◆ TASK TO COMPLETE
Could you copy exactly the lines from the start of the records through the one containing "doc.layers.add(name, color=color, linetype=linetype)", both included, and leave out the pictures?

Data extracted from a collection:
((

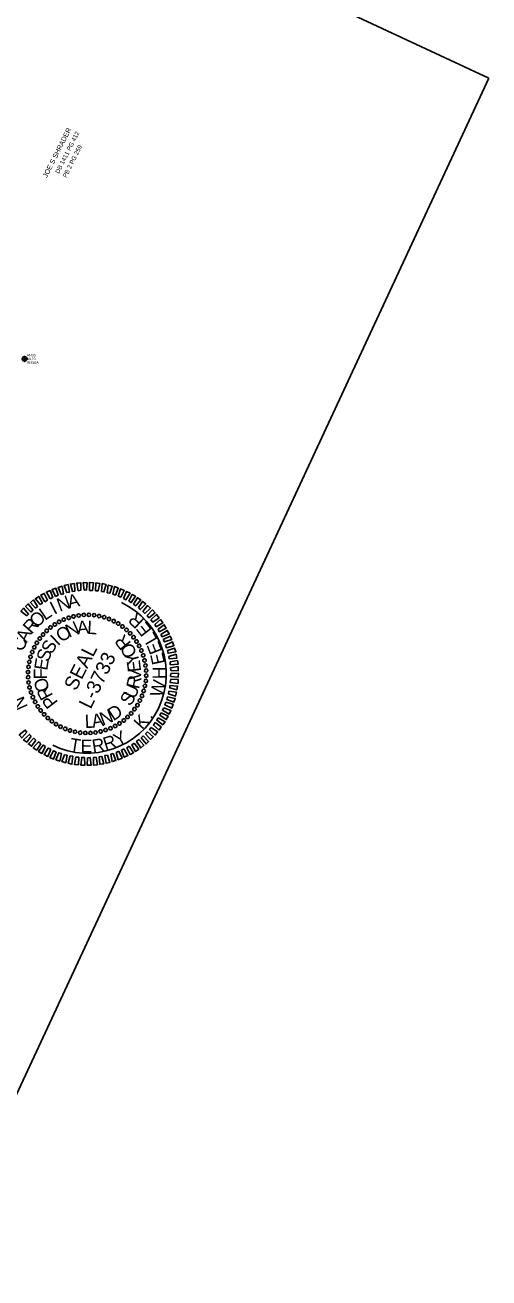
# Model space of a CAD drawing. Extents: x 2532037 to 2533565, y 713396 to 716867.
# Drawn here: x 2533093 to 2533565, y 714704 to 715980 of the extents above; entities that cross this region are included whole.
import ezdxf

# ---------------------------------------------------------------- set-up
doc = ezdxf.new("R2010")
doc.units = 0
for name, color, linetype in [('Exist Environmental Wetland Boundary Cogo Comment', 7, 'Continuous'), ('Exist Environmental Wetland Boundary Cogo Elevation', 7, 'Continuous'), ('Exist Environmental Wetland Boundary Cogo Number', 7, 'Continuous'), ('Exist Environmental Wetland Boundary Cogo Point CELL', 7, 'Continuous'), ('Exist Property Deed Book Text', 7, 'Continuous'), ('Exist Property Owner Text', 7, 'Continuous'), ('Scratch_Level_0', 7, 'Continuous'), ('Sheet PDF Layout', 7, 'Continuous'), ('Sheet Professional Seal CELL', 7, 'Continuous')]:
    doc.layers.add(name, color=color, linetype=linetype)

msp = doc.modelspace()

# ---------------------------------------------------------------- linework, layer by layer
at = {"layer": 'Exist Environmental Wetland Boundary Cogo Point CELL'}
msp.add_lwpolyline([(2533092.2, 715643.1), (2533092.2, 715637.1), (2533092.2, 715640.1), (2533095.2, 715640.1), (2533089.2, 715640.1)], dxfattribs=at)
msp.add_circle((2533092.2, 715640.1), 2.34, dxfattribs=at)
at = {"layer": 'Scratch_Level_0'}
msp.add_arc((2533155.9, 715319.3), 80.7, 244.2438, 64.2438, dxfattribs=at)
at = {"layer": 'Sheet PDF Layout'}
for p, q in [((2532767.4, 716297.1), (2533565.2, 715925.9)), ((2533565.2, 715925.9), (2532997, 714704.4))]:
    msp.add_line(p, q, dxfattribs=at)
at = {"layer": 'Sheet Professional Seal CELL'}
for p, q in [((2533122.8, 715369.8), (2533122.8, 715369.8)), ((2533127.4, 715372.4), (2533127.4, 715372.4)), ((2533132.1, 715374.7), (2533132.1, 715374.7)), ((2533137, 715376.5), (2533137, 715376.5)), ((2533142.1, 715378.1), (2533142.1, 715378.1)), ((2533147.2, 715378.9), (2533147.2, 715378.9)), ((2533152.5, 715379.4), (2533152.5, 715379.4)), ((2533157.8, 715379.6), (2533157.8, 715379.6)), ((2533162.9, 715379.2), (2533162.9, 715379.2)), ((2533168.1, 715378.3), (2533168.1, 715378.3)), ((2533173.3, 715376.9), (2533173.3, 715376.9)), ((2533178.2, 715375.3), (2533178.2, 715375.3)), ((2533183, 715373.1), (2533183, 715373.1)), ((2533187.6, 715370.5), (2533187.6, 715370.5)), ((2533110.9, 715359.4), (2533110.9, 715359.4)), ((2533114.6, 715363.2), (2533114.6, 715363.2)), ((2533118.6, 715366.6), (2533118.6, 715366.6)), ((2533191.9, 715367.5), (2533191.9, 715367.5)), ((2533196, 715364.3), (2533196, 715364.3)), ((2533199.8, 715360.6), (2533199.8, 715360.6)), ((2533102.1, 715346.5), (2533102.1, 715346.5)), ((2533104.7, 715351.1), (2533104.7, 715351.1)), ((2533107.7, 715355.4), (2533107.7, 715355.4)), ((2533203.2, 715356.6), (2533203.2, 715356.6)), ((2533206.4, 715352.4), (2533206.4, 715352.4)), ((2533209, 715347.8), (2533209, 715347.8)), ((2533096.9, 715331.5), (2533096.9, 715331.5)), ((2533098.3, 715336.7), (2533098.3, 715336.7)), ((2533099.9, 715341.7), (2533099.9, 715341.7)), ((2533211.3, 715343.1), (2533211.3, 715343.1)), ((2533213.1, 715338.2), (2533213.1, 715338.2)), ((2533214.6, 715333.1), (2533214.6, 715333.1)), ((2533095.7, 715321.2), (2533095.7, 715321.2)), ((2533096, 715326.4), (2533096, 715326.4)), ((2533155.9, 715319.3), (2533155.9, 715319.3)), ((2533215.5, 715328), (2533215.5, 715328)), ((2533216, 715322.7), (2533216, 715322.7)), ((2533095.8, 715315.9), (2533095.8, 715315.9)), ((2533096.3, 715310.6), (2533096.3, 715310.6)), ((2533214.9, 715307.1), (2533214.9, 715307.1)), ((2533215.8, 715312.3), (2533215.8, 715312.3)), ((2533216.1, 715317.4), (2533216.1, 715317.4)), ((2533097.2, 715305.6), (2533097.2, 715305.6)), ((2533098.7, 715300.4), (2533098.7, 715300.4)), ((2533100.5, 715295.6), (2533100.5, 715295.6)), ((2533211.9, 715297), (2533211.9, 715297)), ((2533213.5, 715301.9), (2533213.5, 715301.9)), ((2533102.8, 715290.8), (2533102.8, 715290.8)), ((2533105.4, 715286.2), (2533105.4, 715286.2)), ((2533108.6, 715282), (2533108.6, 715282)), ((2533204.1, 715283.3), (2533204.1, 715283.3)), ((2533207.1, 715287.6), (2533207.1, 715287.6)), ((2533209.7, 715292.2), (2533209.7, 715292.2)), ((2533112, 715278), (2533112, 715278)), ((2533115.8, 715274.3), (2533115.8, 715274.3)), ((2533119.9, 715271.2), (2533119.9, 715271.2)), ((2533124.1, 715268.2), (2533124.1, 715268.2)), ((2533189, 715268.9), (2533189, 715268.9)), ((2533193.2, 715272), (2533193.2, 715272)), ((2533197.2, 715275.4), (2533197.2, 715275.4)), ((2533200.9, 715279.2), (2533200.9, 715279.2)), ((2533128.7, 715265.5), (2533128.7, 715265.5)), ((2533133.6, 715263.3), (2533133.6, 715263.3)), ((2533138.5, 715261.8), (2533138.5, 715261.8)), ((2533143.7, 715260.3), (2533143.7, 715260.3)), ((2533148.9, 715259.4), (2533148.9, 715259.4)), ((2533154, 715259.1), (2533154, 715259.1)), ((2533159.3, 715259.2), (2533159.3, 715259.2)), ((2533164.6, 715259.7), (2533164.6, 715259.7)), ((2533169.7, 715260.6), (2533169.7, 715260.6)), ((2533174.8, 715262.1), (2533174.8, 715262.1)), ((2533179.7, 715263.9), (2533179.7, 715263.9)), ((2533184.4, 715266.3), (2533184.4, 715266.3))]:
    msp.add_line(p, q, dxfattribs=at)
for points in [[(2533129.4, 715400.2), (2533126.5, 715407.3), (2533130.4, 715408.6), (2533131.9, 715401)], [(2533135.1, 715402.1), (2533132.6, 715409.4), (2533136.6, 715410.3), (2533138, 715402.6)], [(2533140.9, 715403.3), (2533138.9, 715410.8), (2533143, 715411.3), (2533143.5, 715403.6)], [(2533146.7, 715404), (2533145.3, 715411.7), (2533149.5, 715412.2), (2533149.5, 715404.5)], [(2533152.8, 715404.5), (2533151.9, 715412.4), (2533155.9, 715412.2), (2533155.4, 715404.8)], [(2533158.5, 715404.4), (2533158.3, 715412.4), (2533162.4, 715412.1), (2533161.4, 715404.4)], [(2533164.5, 715403.9), (2533164.8, 715411.9), (2533168.8, 715411.4), (2533167.3, 715403.9)], [(2533170.5, 715403.1), (2533171.3, 715411.3), (2533175.2, 715410.2), (2533173.1, 715402.8)], [(2533176.3, 715401.9), (2533177.5, 715409.7), (2533181.5, 715408.6), (2533178.9, 715401.5)], [(2533182, 715400.4), (2533183.8, 715408.2), (2533187.7, 715406.7), (2533184.8, 715399.6)], [(2533108, 715390), (2533103.3, 715395.9), (2533106.7, 715398.2), (2533110.3, 715391.4)], [(2533113, 715392.8), (2533108.6, 715399.6), (2533112.2, 715401.3), (2533115.4, 715394.5)], [(2533118.4, 715395.6), (2533114.4, 715402.5), (2533118.1, 715404.2), (2533120.9, 715397)], [(2533123.7, 715398.1), (2533120.2, 715405.3), (2533124.1, 715406.6), (2533126.3, 715399.4)], [(2533187.5, 715398.6), (2533190, 715406), (2533193.8, 715404.4), (2533190.2, 715397.5)], [(2533192.9, 715396.1), (2533196, 715403.2), (2533199.7, 715401.5), (2533195.5, 715394.8)], [(2533198.3, 715393.3), (2533201.9, 715400.3), (2533205.3, 715398.3), (2533200.8, 715391.9)], [(2533203.2, 715390.3), (2533207.2, 715396.9), (2533210.7, 715394.7), (2533205.5, 715388.5)], [(2533094.5, 715378.4), (2533088.5, 715383.3), (2533091.2, 715386.1), (2533096.3, 715380.3)], [(2533098.8, 715382.3), (2533093.2, 715388.1), (2533095.9, 715390.5), (2533100.7, 715384.4)], [(2533103.2, 715386.2), (2533098.1, 715392), (2533101.2, 715394.6), (2533105.5, 715388)], [(2533208.3, 715386.8), (2533212.4, 715393.1), (2533215.7, 715390.5), (2533210.1, 715384.8)], [(2533212.8, 715382.9), (2533217.4, 715388.9), (2533220.6, 715386.4), (2533214.7, 715380.9)], [(2533217.2, 715378.7), (2533222.4, 715384.5), (2533225.1, 715381.5), (2533218.9, 715376.5)], [(2533220.9, 715374.3), (2533226.6, 715379.8), (2533229.2, 715376.5), (2533222.8, 715372.1)], [(2533224.9, 715369.7), (2533230.5, 715374.6), (2533233.1, 715371.3), (2533226.3, 715367.4)], [(2533228.2, 715364.9), (2533234.4, 715369.4), (2533236.4, 715365.8), (2533229.4, 715362.2)], [(2533231, 715359.6), (2533237.5, 715363.6), (2533239.6, 715360.1), (2533232.4, 715357.2)], [(2533233.5, 715354.3), (2533240.5, 715357.9), (2533242.1, 715354.2), (2533234.8, 715351.9)], [(2533235.8, 715348.6), (2533242.9, 715351.9), (2533244.1, 715348), (2533236.7, 715346)], [(2533237.9, 715343.2), (2533244.9, 715345.6), (2533246.3, 715341.8), (2533238.4, 715340.4)], [(2533239.2, 715337.2), (2533246.6, 715339.4), (2533247.4, 715335.4), (2533239.6, 715334.5)], [(2533240.4, 715331.6), (2533247.9, 715332.9), (2533248.6, 715329.1), (2533240.6, 715328.6)], [(2533240.8, 715325.5), (2533248.6, 715326.7), (2533248.7, 715322.5), (2533241.1, 715322.8)], [(2533241.2, 715319.6), (2533248.9, 715320.1), (2533248.8, 715316.1), (2533241, 715316.8)], [(2533240.3, 715307.6), (2533248, 715307), (2533247.4, 715303.2), (2533240, 715305)], [(2533241.2, 715313.8), (2533248.8, 715313.5), (2533248.5, 715309.7), (2533240.5, 715310.7)], [(2533237.9, 715296), (2533245.7, 715294.4), (2533244.3, 715290.7), (2533237, 715293.3)], [(2533239.2, 715301.8), (2533247.1, 715300.7), (2533246.1, 715296.7), (2533238.7, 715299.2)], [(2533234, 715284.8), (2533241.3, 715282), (2533239.4, 715278.5), (2533232.6, 715282.3)], [(2533236.1, 715290.5), (2533243.5, 715288.4), (2533242.2, 715284.5), (2533235.1, 715287.8)], [(2533225.1, 715269.7), (2533231.5, 715265.4), (2533229.3, 715262.1), (2533223.5, 715267.2)], [(2533228.4, 715274.5), (2533235.3, 715270.6), (2533232.9, 715267.4), (2533226.8, 715272.1)], [(2533231.4, 715279.7), (2533238.4, 715276.3), (2533236.6, 715272.8), (2533230, 715277.2)], [(2533094.6, 715259.9), (2533089.4, 715254.1), (2533086.7, 715257.2), (2533092.9, 715262.2)], [(2533099, 715255.8), (2533094.4, 715249.8), (2533091.2, 715252.2), (2533097.1, 715257.7)], [(2533213, 715256.3), (2533218.6, 715250.5), (2533215.9, 715248.1), (2533211.1, 715254.2)], [(2533217.3, 715260.2), (2533223.2, 715255.4), (2533220.5, 715252.6), (2533215.5, 715258.3)], [(2533221.2, 715264.7), (2533227.7, 715260.3), (2533225.1, 715257), (2533219.6, 715262.7)], [(2533103.5, 715251.9), (2533099.4, 715245.6), (2533096.1, 715248.1), (2533101.6, 715253.8)], [(2533108.6, 715248.3), (2533104.6, 715241.7), (2533101.1, 715243.9), (2533106.3, 715250.1)], [(2533113.5, 715245.3), (2533109.9, 715238.4), (2533106.5, 715240.3), (2533111, 715246.8)], [(2533118.9, 715242.6), (2533115.8, 715235.4), (2533112.1, 715237.2), (2533116.3, 715243.8)], [(2533193.4, 715243), (2533197.4, 715236.1), (2533193.7, 715234.5), (2533190.9, 715241.7)], [(2533198.8, 715245.9), (2533203.2, 715239.1), (2533199.6, 715237.3), (2533196.4, 715244.1)], [(2533203.7, 715248.7), (2533208.5, 715242.8), (2533205.1, 715240.4), (2533201.5, 715247.2)], [(2533208.6, 715252.4), (2533213.7, 715246.7), (2533210.6, 715244), (2533206.3, 715250.6)], [(2533124.3, 715240.1), (2533121.8, 715232.6), (2533118, 715234.2), (2533121.6, 715241.1)], [(2533129.8, 715238.2), (2533128, 715230.5), (2533124.1, 715231.9), (2533127, 715239)], [(2533135.5, 715236.7), (2533134.3, 715228.9), (2533130.3, 715230), (2533132.9, 715237.1)], [(2533141.3, 715235.5), (2533140.4, 715227.4), (2533136.6, 715228.4), (2533138.7, 715235.8)], [(2533147.3, 715234.7), (2533147, 715226.8), (2533143, 715227.2), (2533144.5, 715234.7)], [(2533153.3, 715234.2), (2533153.5, 715226.3), (2533149.4, 715226.5), (2533150.4, 715234.3)], [(2533159, 715234.1), (2533159.9, 715226.3), (2533155.9, 715226.5), (2533156.4, 715233.8)], [(2533165.1, 715234.6), (2533166.5, 715226.9), (2533162.3, 715226.5), (2533162.3, 715234.2)], [(2533170.9, 715235.3), (2533172.9, 715227.8), (2533168.8, 715227.3), (2533168.3, 715235)], [(2533176.7, 715236.5), (2533179.2, 715229.2), (2533175.2, 715228.4), (2533173.8, 715236.1)], [(2533182.4, 715238.4), (2533185.3, 715231.3), (2533181.4, 715230), (2533179.9, 715237.6)], [(2533188.1, 715240.5), (2533191.6, 715233.4), (2533187.7, 715232), (2533185.5, 715239.2)]]:
    msp.add_lwpolyline(points, close=True, dxfattribs=at)
for centre, major_axis in [((2533122.9, 715369.7), (-0.95, 1.45)), ((2533127.4, 715372.3), (-0.82, 1.52)), ((2533132.1, 715374.6), (-0.68, 1.59)), ((2533137.1, 715376.5), (-0.54, 1.64)), ((2533142.1, 715377.9), (-0.4, 1.68)), ((2533147.3, 715378.9), (-0.25, 1.71)), ((2533152.5, 715379.4), (-0.1, 1.73)), ((2533157.7, 715379.5), (0.05, 1.73)), ((2533163, 715379.1), (0.2, 1.72)), ((2533168.2, 715378.2), (0.35, 1.69)), ((2533173.3, 715377), (0.5, 1.65)), ((2533178.2, 715375.2), (0.64, 1.6)), ((2533183, 715373.1), (0.78, 1.54)), ((2533187.6, 715370.5), (0.91, 1.47)), ((2533107.7, 715355.3), (-1.38, 1.03)), ((2533111, 715359.4), (-1.29, 1.15)), ((2533114.7, 715363.2), (-1.18, 1.26)), ((2533118.6, 715366.6), (-1.07, 1.36)), ((2533191.9, 715367.5), (1.03, 1.38)), ((2533196, 715364.2), (1.15, 1.29)), ((2533199.7, 715360.6), (1.26, 1.18)), ((2533203.2, 715356.6), (1.36, 1.07)), ((2533102.1, 715346.4), (-1.54, 0.78)), ((2533104.7, 715351), (-1.47, 0.91)), ((2533206.2, 715352.3), (1.45, 0.95)), ((2533208.9, 715347.8), (1.52, 0.82)), ((2533211.2, 715343.1), (1.59, 0.68)), ((2533097, 715331.6), (-1.69, 0.35)), ((2533098.3, 715336.7), (-1.65, 0.5)), ((2533100, 715341.6), (-1.6, 0.64)), ((2533213.1, 715338.2), (1.64, 0.54)), ((2533214.5, 715333.1), (1.68, 0.4)), ((2533095.7, 715321.2), (-1.73, 0.05)), ((2533096.1, 715326.4), (-1.72, 0.2)), ((2533215.5, 715327.9), (1.71, 0.25)), ((2533216, 715322.7), (1.73, 0.1)), ((2533216.1, 715317.5), (1.73, -0.05)), ((2533095.8, 715315.9), (-1.73, -0.1)), ((2533096.3, 715310.7), (-1.71, -0.25)), ((2533097.3, 715305.5), (-1.68, -0.4)), ((2533214.8, 715307.1), (1.69, -0.35)), ((2533215.7, 715312.2), (1.72, -0.2)), ((2533098.7, 715300.5), (-1.64, -0.54)), ((2533100.6, 715295.6), (-1.59, -0.68)), ((2533209.6, 715292.2), (1.54, -0.78)), ((2533211.8, 715297), (1.6, -0.64)), ((2533213.5, 715302), (1.65, -0.5)), ((2533102.9, 715290.8), (-1.52, -0.82)), ((2533105.6, 715286.3), (-1.45, -0.95)), ((2533108.6, 715282.1), (-1.36, -1.07)), ((2533200.8, 715279.2), (1.29, -1.15)), ((2533204.1, 715283.3), (1.38, -1.03)), ((2533207.1, 715287.6), (1.47, -0.91)), ((2533112.1, 715278.1), (-1.26, -1.18)), ((2533115.8, 715274.4), (-1.15, -1.29)), ((2533119.9, 715271.1), (-1.03, -1.38)), ((2533124.2, 715268.1), (-0.91, -1.47)), ((2533184.4, 715266.3), (0.82, -1.52)), ((2533188.9, 715269), (0.95, -1.45)), ((2533193.2, 715272), (1.07, -1.36)), ((2533197.1, 715275.5), (1.18, -1.26)), ((2533128.8, 715265.6), (-0.78, -1.54)), ((2533133.6, 715263.4), (-0.64, -1.6)), ((2533138.5, 715261.7), (-0.5, -1.65)), ((2533143.6, 715260.4), (-0.35, -1.69)), ((2533148.8, 715259.5), (-0.2, -1.72)), ((2533154.1, 715259.2), (-0.05, -1.73)), ((2533159.3, 715259.2), (0.1, -1.73)), ((2533164.5, 715259.7), (0.25, -1.71)), ((2533169.7, 715260.7), (0.4, -1.68)), ((2533174.7, 715262.2), (0.54, -1.64)), ((2533179.7, 715264), (0.68, -1.59))]:
    msp.add_ellipse(centre, major_axis=major_axis, ratio=0.999708, dxfattribs=at)

# ---------------------------------------------------------------- texts
at = {"layer": 'Exist Environmental Wetland Boundary Cogo Comment'}
msp.add_text('WB26A', height=2.5, dxfattribs=at).set_placement((2533094.7, 715635.1))
at = {"layer": 'Exist Environmental Wetland Boundary Cogo Elevation'}
msp.add_text('18.73', height=2.5, dxfattribs=at).set_placement((2533094.7, 715638.8))
at = {"layer": 'Exist Environmental Wetland Boundary Cogo Number'}
msp.add_text('RR39', height=2.5, dxfattribs=at).set_placement((2533094.7, 715642.6))
at = {"layer": 'Exist Property Deed Book Text'}
for s, p in [('DB 1411 PG 412', (2533127.2, 715828.2)), ('PB 2 PG 259', (2533134.8, 715824))]:
    msp.add_text(s, height=4.5, rotation=63.3607, dxfattribs=at).set_placement(p)
at = {"layer": 'Exist Property Owner Text'}
msp.add_text('JOE S SHRADER', height=5, rotation=63.3607, dxfattribs=at).set_placement((2533115, 715824))
at = {"layer": 'Sheet Professional Seal CELL'}
for s, height, rotation, p in [('N', 13.5, 20.0627, (2533128, 715382.5)), ('A', 13.5, 12.8609, (2533137.5, 715385.8)), ('O', 13.5, 41.6649, (2533104.4, 715365.6)), ('L', 13.5, 34.4646, (2533113, 715373.2)), ('I', 13.5, 27.2639, (2533122.4, 715379.4)), ('R', 13.5, 48.8649, (2533099.3, 715359.1)), ('N', 13.5, 24.7204, (2533137.6, 715356)), ('A', 13.5, 6.004, (2533146.2, 715359.4)), ('L', 13.5, 356.6446, (2533155.7, 715360.1)), ('R', 13.2, 137.1577, (2533214.8, 715373.9)), ('E', 13.2, 128.2134, (2533222.6, 715364.1)), ('A', 13.5, 63.2641, (2533094.5, 715350.3)), ('I', 13.5, 43.4334, (2533126.2, 715347.2)), ('O', 13.5, 34.0773, (2533129.8, 715350.8)), ('R', 13.5, 128.7131, (2533201.4, 715350.6)), ('L', 13.2, 120.042, (2533228.2, 715354.2)), ('C', 13.5, 70.4636, (2533091, 715341.4)), ('S', 13.5, 71.4994, (2533116.6, 715330.8)), ('S', 13.5, 62.1442, (2533120.2, 715338.7)), ('SEAL', 14.4, 63.2438, (2533144.5, 715301.2)), ('O', 13.5, 115.7039, (2533207.2, 715339.6)), ('E', 13.2, 111.0977, (2533232.8, 715342.5)), ('E', 13.5, 80.8548, (2533115.2, 715322.3)), ('L-3733', 14.4, 64.2438, (2533159.6, 715282.8)), ('Y', 13.5, 105.9104, (2533209.9, 715330.6)), ('E', 13.5, 96.8254, (2533211, 715321.9)), ('E', 13.2, 102.1534, (2533235.4, 715330.3)), ('F', 13.5, 90.2108, (2533115.1, 715313.8)), ('V', 13.5, 86.7322, (2533210.6, 715312.2)), ('H', 13.2, 90.5473, (2533236, 715314)), ('O', 13.5, 108.925, (2533118.1, 715303.6)), ('R', 13.5, 118.2834, (2533121.5, 715297.3)), ('U', 13.5, 65.7417, (2533204.4, 715293)), ('R', 13.5, 77.3202, (2533208.7, 715303.3)), ('W', 13.2, 76.58, (2533232.4, 715294.9)), ('N', 13.5, 113.6673, (2533095.8, 715285.8)), ('P', 13.5, 127.6427, (2533126.8, 715290.5)), ('S', 13.5, 56.466, (2533199.6, 715285.6)), ('N', 13.5, 20.8586, (2533171.7, 715266.5)), ('D', 13.5, 33.1319, (2533182.6, 715271)), ('L', 13.5, 1.8983, (2533153.7, 715264.2)), ('A', 13.5, 10.2475, (2533161.7, 715264.4)), ('K', 13.2, 48.6452, (2533212, 715261.9)), ('.', 13.2, 58.6771, (2533221.2, 715272.5)), ('R', 13.2, 17.8626, (2533174.7, 715241.3)), ('Y', 13.2, 27.1503, (2533187.1, 715245.3)), ('T', 13.2, 350.9726, (2533137.4, 715241.2)), ('E', 13.2, 359.6306, (2533149.3, 715239.3)), ('R', 13.2, 8.5749, (2533161.9, 715239.2))]:
    msp.add_text(s, height=height, rotation=rotation, dxfattribs=at).set_placement(p)

doc.saveas('drawing.dxf')

))

◆ OUTPUT
# Model space of a CAD drawing. Extents: x 2532037 to 2533565, y 713396 to 716867.
# Drawn here: x 2533093 to 2533565, y 714704 to 715980 of the extents above; entities that cross this region are included whole.
import ezdxf

# ---------------------------------------------------------------- set-up
doc = ezdxf.new("R2010")
doc.units = 0
for name, color, linetype in [('Exist Environmental Wetland Boundary Cogo Comment', 7, 'Continuous'), ('Exist Environmental Wetland Boundary Cogo Elevation', 7, 'Continuous'), ('Exist Environmental Wetland Boundary Cogo Number', 7, 'Continuous'), ('Exist Environmental Wetland Boundary Cogo Point CELL', 7, 'Continuous'), ('Exist Property Deed Book Text', 7, 'Continuous'), ('Exist Property Owner Text', 7, 'Continuous'), ('Scratch_Level_0', 7, 'Continuous'), ('Sheet PDF Layout', 7, 'Continuous'), ('Sheet Professional Seal CELL', 7, 'Continuous')]:
    doc.layers.add(name, color=color, linetype=linetype)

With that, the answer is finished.